§ The problem: Below are the records; how many of their lines contain "KDIMTEXTSTYLE"? Reply only with that figure.
--- Materials provided Enclosed Below ---
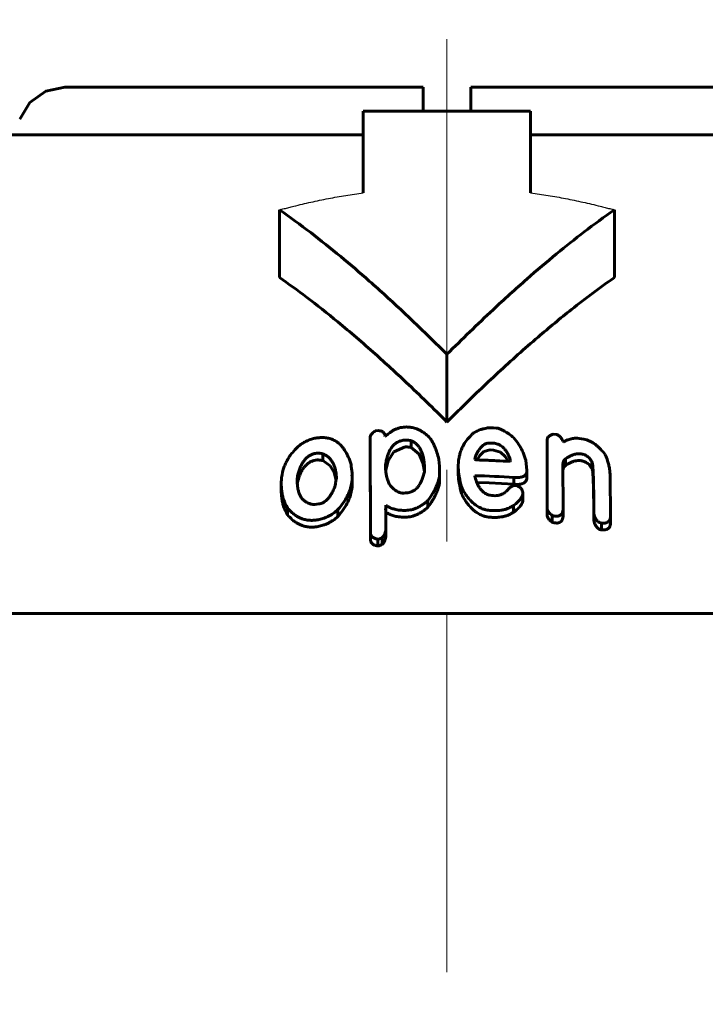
# Model space of a CAD drawing. Header units: millimetres. Extents: x 0 to 841, y 0 to 594.
# Tile 20 of 24: x 601 to 615, y 354 to 375. Entities that reach past the tile are written whole.
import ezdxf

# ---------------------------------------------------------------- set-up
doc = ezdxf.new("R2010")
doc.units = ezdxf.units.MM
for name, pattern in [('K5LT-1', [0]), ('K5LT_AXLED', [12, 7.5, -1.5, 1.5, -1.5]), ('K5LT_BASIC', [0]), ('K5LT_THIN', [0])]:
    doc.linetypes.add(name, pattern=pattern)
doc.layers.add('Системный слой', color=7, linetype='Continuous')
doc.layers.add('Системный слой (1)', color=7, linetype='Continuous', true_color=0x6c6c6c)
doc.styles.add('KDIMTEXTSTYLE', font='txt', dxfattribs={"width": 0.96, "oblique": 15, "height": 5})
doc.styles.add('KTEXTSTYLE', font='txt', dxfattribs={"width": 0.96, "height": 5})
doc.dimstyles.new('KDIMSTYLE (1.00)', dxfattribs={"dimtxt": 5, "dimasz": 1, "dimexe": 2, "dimexo": 0, "dimgap": 1, "dimtad": 1, "dimtxsty": 'KDIMTEXTSTYLE', "dimsah": 1, "dimcen": 0, "dimdle": 1, "dimadec": 0, "dimazin": 0, "dimtfac": 0.667, "dimtmove": 0, "dimatfit": 3, "dimfxl": 1, "dimtvp": 1, "dimtolj": 1, "dimtzin": 0, "dimarcsym": 0})

# ---------------------------------------------------------------- blocks, each defined once
blk = doc.blocks.new('U62')
at = {"layer": 'Системный слой (1)', "color": 150, "linetype": 'K5LT_BASIC', "lineweight": 60, "true_color": 0x0080ff}
for p, q in [((607.648, 365.412), (607.497, 365.519)), ((607.733, 365.269), (607.648, 365.412)), ((607.77, 365.113), (607.733, 365.269))]:
    blk.add_line(p, q, dxfattribs=at)
blk = doc.blocks.new('U64')
at = {"layer": 'Системный слой (1)', "color": 150, "linetype": 'K5LT_BASIC', "lineweight": 60, "true_color": 0x0080ff}
for p, q in [((610.972, 365.053), (610.713, 365.061)), ((611.23, 365.041), (610.972, 365.053)), ((611.489, 365.025), (611.23, 365.041))]:
    blk.add_line(p, q, dxfattribs=at)
blk = doc.blocks.new('U66')
at = {"layer": 'Системный слой (1)', "color": 150, "linetype": 'K5LT_BASIC', "lineweight": 60, "true_color": 0x0080ff}
for p, q in [((612.512, 365.31), (612.519, 365.348)), ((612.519, 365.348), (612.534, 365.384)), ((612.534, 365.384), (612.564, 365.414))]:
    blk.add_line(p, q, dxfattribs=at)
blk = doc.blocks.new('U67')
at = {"layer": 'Системный слой (1)', "color": 150, "linetype": 'K5LT_BASIC', "lineweight": 60, "true_color": 0x0080ff}
for p, q in [((609.509, 365.655), (609.343, 365.796)), ((609.587, 365.476), (609.509, 365.655)), ((609.618, 365.289), (609.587, 365.476))]:
    blk.add_line(p, q, dxfattribs=at)
blk = doc.blocks.new('U69')
at = {"layer": 'Системный слой (1)', "color": 150, "linetype": 'K5LT_BASIC', "lineweight": 60, "true_color": 0x0080ff}
for p, q in [((611.206, 365.697), (611.062, 365.741)), ((611.304, 365.608), (611.206, 365.697)), ((611.368, 365.505), (611.304, 365.608))]:
    blk.add_line(p, q, dxfattribs=at)
blk = doc.blocks.new('U70')
at = {"layer": 'Системный слой (1)', "color": 150, "linetype": 'K5LT_BASIC', "lineweight": 60, "true_color": 0x0080ff}
for p, q in [((608.975, 365.704), (609.212, 365.806)), ((608.86, 365.518), (608.975, 365.704)), ((608.808, 365.32), (608.86, 365.518))]:
    blk.add_line(p, q, dxfattribs=at)
blk = doc.blocks.new('U75')
at = {"layer": 'Системный слой (1)', "color": 150, "linetype": 'K5LT_BASIC', "lineweight": 60, "true_color": 0x0080ff}
for p, q in [((606.983, 365.131), (606.973, 365.096)), ((606.965, 365.061), (606.961, 365.026)), ((606.973, 365.096), (606.965, 365.061))]:
    blk.add_line(p, q, dxfattribs=at)
blk = doc.blocks.new('U79')
at = {"layer": 'Системный слой (1)', "color": 150, "linetype": 'K5LT_BASIC', "lineweight": 60, "true_color": 0x0080ff}
for p, q in [((601.703, 373.243), (601.37, 373.006)), ((602.104, 373.326), (601.703, 373.243)), ((601.37, 373.006), (601.158, 372.656))]:
    blk.add_line(p, q, dxfattribs=at)
blk = doc.blocks.new('U87')
at = {"layer": 'Системный слой (1)', "color": 150, "linetype": 'K5LT_BASIC', "lineweight": 60, "true_color": 0x0080ff}
for p, q in [((610.993, 365.745), (610.862, 365.709)), ((610.777, 365.628), (610.719, 365.534)), ((610.862, 365.709), (610.777, 365.628))]:
    blk.add_line(p, q, dxfattribs=at)
blk = doc.blocks.new('D12')
at = {"layer": 'Системный слой (1)'}
for points in [[(568.588, 386.722), (569.088, 387.38), (564.088, 386.722), (569.088, 386.063)], [(656.088, 386.722), (651.088, 387.38), (651.588, 386.722), (651.088, 386.063)]]:
    blk.add_hatch(color=7, dxfattribs=at).paths.add_polyline_path(points)
at = {"layer": 'Системный слой (1)', "color": 7, "linetype": 'K5LT_THIN', "lineweight": 18}
for p, q in [((564.088, 297.126), (564.088, 388.722)), ((656.088, 322.957), (656.088, 388.722)), ((564.088, 386.722), (569.088, 387.38)), ((569.088, 387.38), (568.588, 386.722)), ((651.588, 386.722), (651.088, 387.38)), ((651.088, 387.38), (656.088, 386.722)), ((569.088, 386.063), (564.088, 386.722)), ((656.088, 386.722), (564.088, 386.722)), ((568.588, 386.722), (569.088, 386.063)), ((656.088, 386.722), (651.088, 386.063)), ((651.088, 386.063), (651.588, 386.722))]:
    blk.add_line(p, q, dxfattribs=at)
blk.add_wipeout([(606.003, 387.722), (606.003, 395.104), (613.847, 395.104), (613.847, 387.722)]).dxf.layer = 'Системный слой (1)'
at = {"layer": 'Системный слой (1)', "color": 7, "insert": (606.003, 394.309), "char_height": 5, "attachment_point": 1, "style": 'KTEXTSTYLE'}
blk.add_mtext('\\fArial|b0|c204|p34;\\H5.0;\\W1.000;\\Q15;\\fGOST Type AU|b0|i0|c204|p34;\\Q15;\\W0.960;92', dxfattribs=at)
blk = doc.blocks.new('KDIMARROW_01')
at = {"layer": 'Системный слой'}
blk.add_hatch(color=0, dxfattribs=at).paths.add_polyline_path([(0, 0), (-5, 0.658), (-4.5, 0), (-5, -0.658)])
at = {"layer": 'Системный слой', "color": 0, "linetype": 'K5LT_THIN', "lineweight": 18}
for p, q in [((-4.5, 0), (-5, 0.658)), ((-5, 0.658), (0, 0)), ((0, 0), (-5, -0.658)), ((-5, -0.658), (-4.5, 0))]:
    blk.add_line(p, q, dxfattribs=at)
at = {"layer": 'Системный слой (1)', "color": 0, "linetype": 'K5LT_THIN', "lineweight": 18}
blk.add_line((470.918, 149.784), (468.918, 149.784), dxfattribs=at)

msp = doc.modelspace()

# ---------------------------------------------------------------- linework, layer by layer
at = {"layer": 'Системный слой (1)', "color": 150, "linetype": 'K5LT_BASIC', "lineweight": 60, "true_color": 0x0080ff}
for p, q in [((602.104, 373.326), (609.588, 373.326)), ((609.588, 373.326), (609.588, 372.826)), ((610.588, 373.326), (618.073, 373.326)), ((610.588, 373.326), (610.588, 372.826)), ((608.338, 371.119), (608.338, 372.826)), ((608.338, 372.826), (611.838, 372.826)), ((611.838, 372.826), (611.838, 371.119)), ((600.243, 372.326), (608.338, 372.326)), ((611.838, 372.326), (619.934, 372.326)), ((606.588, 369.346), (606.588, 370.76)), ((613.588, 369.346), (613.588, 370.76)), ((610.088, 366.326), (610.088, 367.741)), ((608.585, 366.139), (608.655, 366.146)), ((611.062, 366.204), (611.115, 366.201)), ((608.481, 365.858), (608.481, 365.999)), ((608.489, 364.013), (608.481, 365.999)), ((608.794, 366.027), (608.804, 366.028)), ((612.311, 366.074), (612.372, 366.066)), ((612.852, 365.984), (612.948, 365.967)), ((608.481, 365.858), (608.489, 363.871)), ((609.343, 365.796), (609.343, 365.937)), ((610.993, 365.886), (611.062, 365.882)), ((610.993, 365.745), (611.062, 365.741)), ((612.18, 364.525), (612.18, 365.937)), ((612.511, 365.926), (612.511, 365.916)), ((612.511, 365.916), (612.529, 365.914)), ((607.497, 365.519), (607.497, 365.661)), ((609.918, 365.546), (609.936, 365.406)), ((610.671, 365.544), (610.679, 365.587)), ((610.679, 365.54), (610.679, 365.587)), ((611.734, 365.527), (611.76, 365.315)), ((612.564, 365.414), (612.564, 365.555)), ((608.804, 365.365), (608.804, 365.434)), ((609.936, 365.406), (609.936, 365.275)), ((610.322, 365.227), (610.322, 365.369)), ((611.42, 365.518), (611.411, 365.502)), ((612.511, 365.425), (612.519, 364.517)), ((613.113, 365.359), (613.113, 365.5)), ((606.983, 365.131), (606.983, 365.273)), ((608.099, 365.222), (608.109, 365.181)), ((608.109, 365.181), (608.109, 365.232)), ((608.109, 365.039), (608.109, 365.181)), ((609.936, 365.134), (609.936, 365.275)), ((610.671, 365.203), (610.671, 365.195)), ((611.489, 365.025), (611.489, 365.166)), ((611.76, 365.174), (611.76, 365.315)), ((613.497, 365.198), (613.505, 364.349)), ((606.626, 364.901), (606.626, 365.043)), ((606.958, 365.106), (606.958, 365.106)), ((610.391, 364.826), (610.391, 364.968)), ((611.499, 364.999), (611.542, 364.996)), ((609.222, 364.843), (609.187, 364.841)), ((611.673, 364.854), (611.673, 364.838)), ((611.673, 364.696), (611.673, 364.838)), ((606.756, 364.388), (606.756, 364.529)), ((607.411, 364.613), (607.324, 364.6)), ((608.804, 364.516), (608.812, 364.473)), ((608.812, 364.473), (608.812, 364.586)), ((609.692, 364.546), (609.692, 364.688)), ((611.481, 364.442), (611.481, 364.583)), ((612.18, 364.384), (612.18, 364.525)), ((612.519, 364.376), (612.519, 364.517)), ((613.156, 364.412), (613.156, 364.601)), ((607.811, 364.353), (607.811, 364.495)), ((608.812, 364.473), (608.812, 364.142)), ((609.257, 364.481), (609.23, 364.48)), ((609.257, 364.34), (609.23, 364.339)), ((612.284, 364.234), (612.284, 364.375)), ((612.354, 364.358), (612.346, 364.359)), ((613.156, 364.27), (613.156, 364.412)), ((613.505, 364.208), (613.505, 364.349)), ((608.812, 364), (608.812, 364.142)), ((612.354, 364.217), (612.346, 364.218)), ((613.321, 364.071), (613.321, 364.212)), ((608.732, 363.769), (608.732, 363.91)), ((608.655, 363.878), (608.646, 363.877)), ((608.646, 363.736), (608.646, 363.877)), ((608.655, 363.737), (608.646, 363.736)), ((590.088, 362.326), (630.088, 362.326))]:
    msp.add_line(p, q, dxfattribs=at)
at = {"layer": 'Системный слой (1)', "color": 7, "linetype": 'K5LT-1'}
for points, knots in [([(606.588, 370.76), (606.605, 370.764), (606.637, 370.773), (606.686, 370.786), (606.736, 370.799), (606.802, 370.816), (606.912, 370.844), (607.066, 370.881), (607.306, 370.936), (607.609, 370.999), (607.974, 371.065), (608.217, 371.102), (608.338, 371.119)], [0, 0, 0, 0, 0.042456, 0.084913, 0.127369, 0.169826, 0.25779, 0.412215, 0.566639, 0.875489, 1.184338, 1.493188, 1.493188, 1.493188, 1.493188]), ([(611.838, 371.119), (611.96, 371.102), (612.203, 371.065), (612.568, 370.999), (612.87, 370.936), (613.111, 370.881), (613.265, 370.844), (613.375, 370.816), (613.441, 370.799), (613.491, 370.786), (613.54, 370.773), (613.572, 370.764), (613.588, 370.76)], [0, 0, 0, 0, 0.308849, 0.617699, 0.926548, 1.080973, 1.235398, 1.323362, 1.365818, 1.408275, 1.450731, 1.493188, 1.493188, 1.493188, 1.493188])]:
    msp.add_open_spline(points, degree=3, knots=knots, dxfattribs=at)
at = {"layer": 'Системный слой (1)', "color": 150, "linetype": 'K5LT_BASIC', "lineweight": 60, "true_color": 0x0080ff}
for points, knots in [([(610.088, 367.741), (609.784, 368.045), (609.248, 368.567), (608.505, 369.244), (607.863, 369.794), (607.238, 370.293), (606.808, 370.608), (606.588, 370.76)], [0, 0, 0, 0, 2.181066, 3.805962, 5.16753, 6.570619, 8, 8, 8, 8]), ([(613.588, 370.76), (613.375, 370.612), (612.969, 370.315), (612.36, 369.831), (611.724, 369.29), (610.958, 368.594), (610.406, 368.058), (610.088, 367.741)], [0, 0, 0, 0, 1.387012, 2.67714, 4.083997, 5.726255, 8, 8, 8, 8]), ([(610.088, 366.326), (609.807, 366.608), (609.311, 367.091), (608.55, 367.79), (607.856, 368.387), (607.188, 368.916), (606.778, 369.214), (606.588, 369.346)], [0, 0, 0, 0, 2.01335, 3.52569, 5.303499, 6.764038, 8, 8, 8, 8]), ([(613.588, 369.346), (613.285, 369.135), (612.748, 368.734), (611.939, 368.065), (611.163, 367.37), (610.533, 366.768), (610.179, 366.417), (610.088, 366.326)], [0, 0, 0, 0, 1.976475, 3.553393, 5.475363, 7.34919, 8, 8, 8, 8]), ([(608.794, 366.027), (608.794, 366.037), (608.792, 366.051), (608.787, 366.071), (608.779, 366.088), (608.765, 366.105), (608.746, 366.12), (608.723, 366.132), (608.693, 366.141), (608.669, 366.144), (608.655, 366.146)], [0, 0, 0, 0, 1.836998, 2.729229, 3.860526, 5.145581, 6.55774, 7.820357, 8.998514, 11, 11, 11, 11]), ([(609.212, 366.221), (609.191, 366.22), (609.16, 366.217), (609.114, 366.208), (609.069, 366.196), (609.014, 366.175), (608.959, 366.148), (608.912, 366.118), (608.86, 366.079), (608.825, 366.049), (608.804, 366.028)], [0, 0, 0, 0, 1.376094, 2.065081, 3.118596, 4.532788, 6.098021, 7.451395, 8.614097, 11, 11, 11, 11]), ([(609.744, 365.979), (609.72, 366.004), (609.682, 366.041), (609.621, 366.091), (609.567, 366.128), (609.505, 366.162), (609.445, 366.188), (609.389, 366.205), (609.332, 366.217), (609.273, 366.223), (609.23, 366.222), (609.212, 366.221)], [0, 0, 0, 0, 2.346878, 3.517228, 5.023933, 6.43927, 7.763379, 8.809329, 9.72581, 11.014756, 12, 12, 12, 12]), ([(611.062, 366.204), (611.043, 366.205), (611.01, 366.206), (610.961, 366.204), (610.91, 366.198), (610.851, 366.187), (610.759, 366.159), (610.693, 366.127), (610.652, 366.101)], [0, 0, 0, 0, 1.136079, 1.986127, 2.981936, 4.192642, 5.696524, 9, 9, 9, 9]), ([(611.481, 366.001), (611.451, 366.026), (611.403, 366.063), (611.339, 366.108), (611.299, 366.133), (611.266, 366.151), (611.238, 366.165), (611.202, 366.181), (611.162, 366.195), (611.13, 366.2), (611.115, 366.201)], [0, 0, 0, 0, 3.256099, 4.943353, 6.256285, 6.990541, 7.880524, 8.663376, 9.94219, 11, 11, 11, 11]), ([(607.35, 365.99), (607.317, 365.984), (607.255, 365.969), (607.17, 365.936), (607.095, 365.898), (607.049, 365.869), (607.028, 365.855)], [0, 0, 0, 0, 1.909869, 3.692477, 5.380622, 7, 7, 7, 7]), ([(608.083, 365.437), (608.067, 365.492), (608.042, 365.564), (607.995, 365.665), (607.958, 365.731), (607.919, 365.785), (607.879, 365.833), (607.837, 365.875), (607.782, 365.915), (607.734, 365.943), (607.687, 365.965), (607.626, 365.985), (607.543, 366.001), (607.445, 366.002), (607.379, 365.994), (607.35, 365.99)], [0, 0, 0, 0, 3.137425, 4.092479, 5.877037, 7.058798, 7.533876, 9.01861, 9.978377, 10.735137, 11.51592, 12.227485, 13.453441, 14.891266, 16, 16, 16, 16]), ([(608.585, 366.139), (608.571, 366.129), (608.55, 366.112), (608.524, 366.087), (608.506, 366.065), (608.491, 366.041), (608.483, 366.018), (608.481, 366.005), (608.481, 365.999)], [0, 0, 0, 0, 2.466528, 3.667894, 5.148315, 6.68661, 8.069828, 9, 9, 9, 9]), ([(608.804, 365.434), (608.81, 365.475), (608.822, 365.537), (608.846, 365.621), (608.867, 365.679), (608.892, 365.731), (608.913, 365.767), (608.932, 365.796), (608.952, 365.821), (608.976, 365.846), (609.001, 365.869), (609.028, 365.89), (609.061, 365.909), (609.097, 365.925), (609.135, 365.937), (609.173, 365.944), (609.199, 365.947), (609.212, 365.947)], [0, 0, 0, 0, 3.59382, 5.255898, 7.287535, 8.755315, 9.913849, 10.568585, 11.445172, 12.352252, 13.102941, 13.847772, 14.739835, 15.674461, 16.378041, 17.221286, 18, 18, 18, 18]), ([(609.343, 365.937), (609.323, 365.939), (609.295, 365.943), (609.26, 365.946), (609.241, 365.947), (609.226, 365.948), (609.217, 365.948), (609.212, 365.947)], [0, 0, 0, 0, 3.557647, 5.156933, 6.444415, 7.06069, 8, 8, 8, 8]), ([(609.918, 365.546), (609.906, 365.594), (609.887, 365.663), (609.855, 365.755), (609.829, 365.82), (609.794, 365.896), (609.765, 365.948), (609.744, 365.979)], [0, 0, 0, 0, 2.583433, 3.750976, 5.020889, 6.183184, 8, 8, 8, 8]), ([(610.322, 365.369), (610.322, 365.441), (610.33, 365.538), (610.36, 365.667), (610.388, 365.748), (610.432, 365.842), (610.495, 365.944), (610.575, 366.035), (610.634, 366.086), (610.652, 366.101)], [0, 0, 0, 0, 2.753381, 3.689889, 4.981318, 5.925153, 7.447069, 9.234031, 10, 10, 10, 10]), ([(611.734, 365.527), (611.72, 365.58), (611.692, 365.665), (611.638, 365.778), (611.575, 365.884), (611.52, 365.957), (611.481, 366.001)], [0, 0, 0, 0, 2.269815, 3.602064, 4.880677, 7, 7, 7, 7]), ([(612.311, 366.074), (612.297, 366.07), (612.273, 366.061), (612.241, 366.045), (612.216, 366.026), (612.198, 366.004), (612.187, 365.981), (612.181, 365.959), (612.18, 365.944), (612.18, 365.937)], [0, 0, 0, 0, 1.810061, 3.229794, 4.808496, 6.236332, 7.563192, 8.780511, 10, 10, 10, 10]), ([(612.511, 365.926), (612.504, 365.941), (612.493, 365.964), (612.474, 365.994), (612.458, 366.014), (612.444, 366.029), (612.43, 366.041), (612.415, 366.051), (612.396, 366.06), (612.381, 366.064), (612.372, 366.066)], [0, 0, 0, 0, 2.964952, 4.614973, 6.069953, 7.061237, 7.972172, 8.876657, 9.735021, 11, 11, 11, 11]), ([(612.852, 365.984), (612.83, 365.987), (612.798, 365.99), (612.751, 365.987), (612.71, 365.982), (612.666, 365.971), (612.627, 365.958), (612.58, 365.94), (612.549, 365.924), (612.529, 365.914)], [0, 0, 0, 0, 1.766548, 2.688934, 3.993897, 5.334709, 6.710474, 7.783905, 10, 10, 10, 10]), ([(613.392, 365.646), (613.366, 365.682), (613.32, 365.738), (613.253, 365.804), (613.206, 365.845), (613.166, 365.875), (613.123, 365.902), (613.072, 365.93), (613.011, 365.953), (612.969, 365.964), (612.948, 365.967)], [0, 0, 0, 0, 2.897033, 4.583053, 5.765797, 6.650272, 7.481822, 8.657953, 9.881554, 11, 11, 11, 11]), ([(607.028, 365.855), (606.995, 365.827), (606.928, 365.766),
--- End of Enclosed Materials provided ---
§ Task solution: 2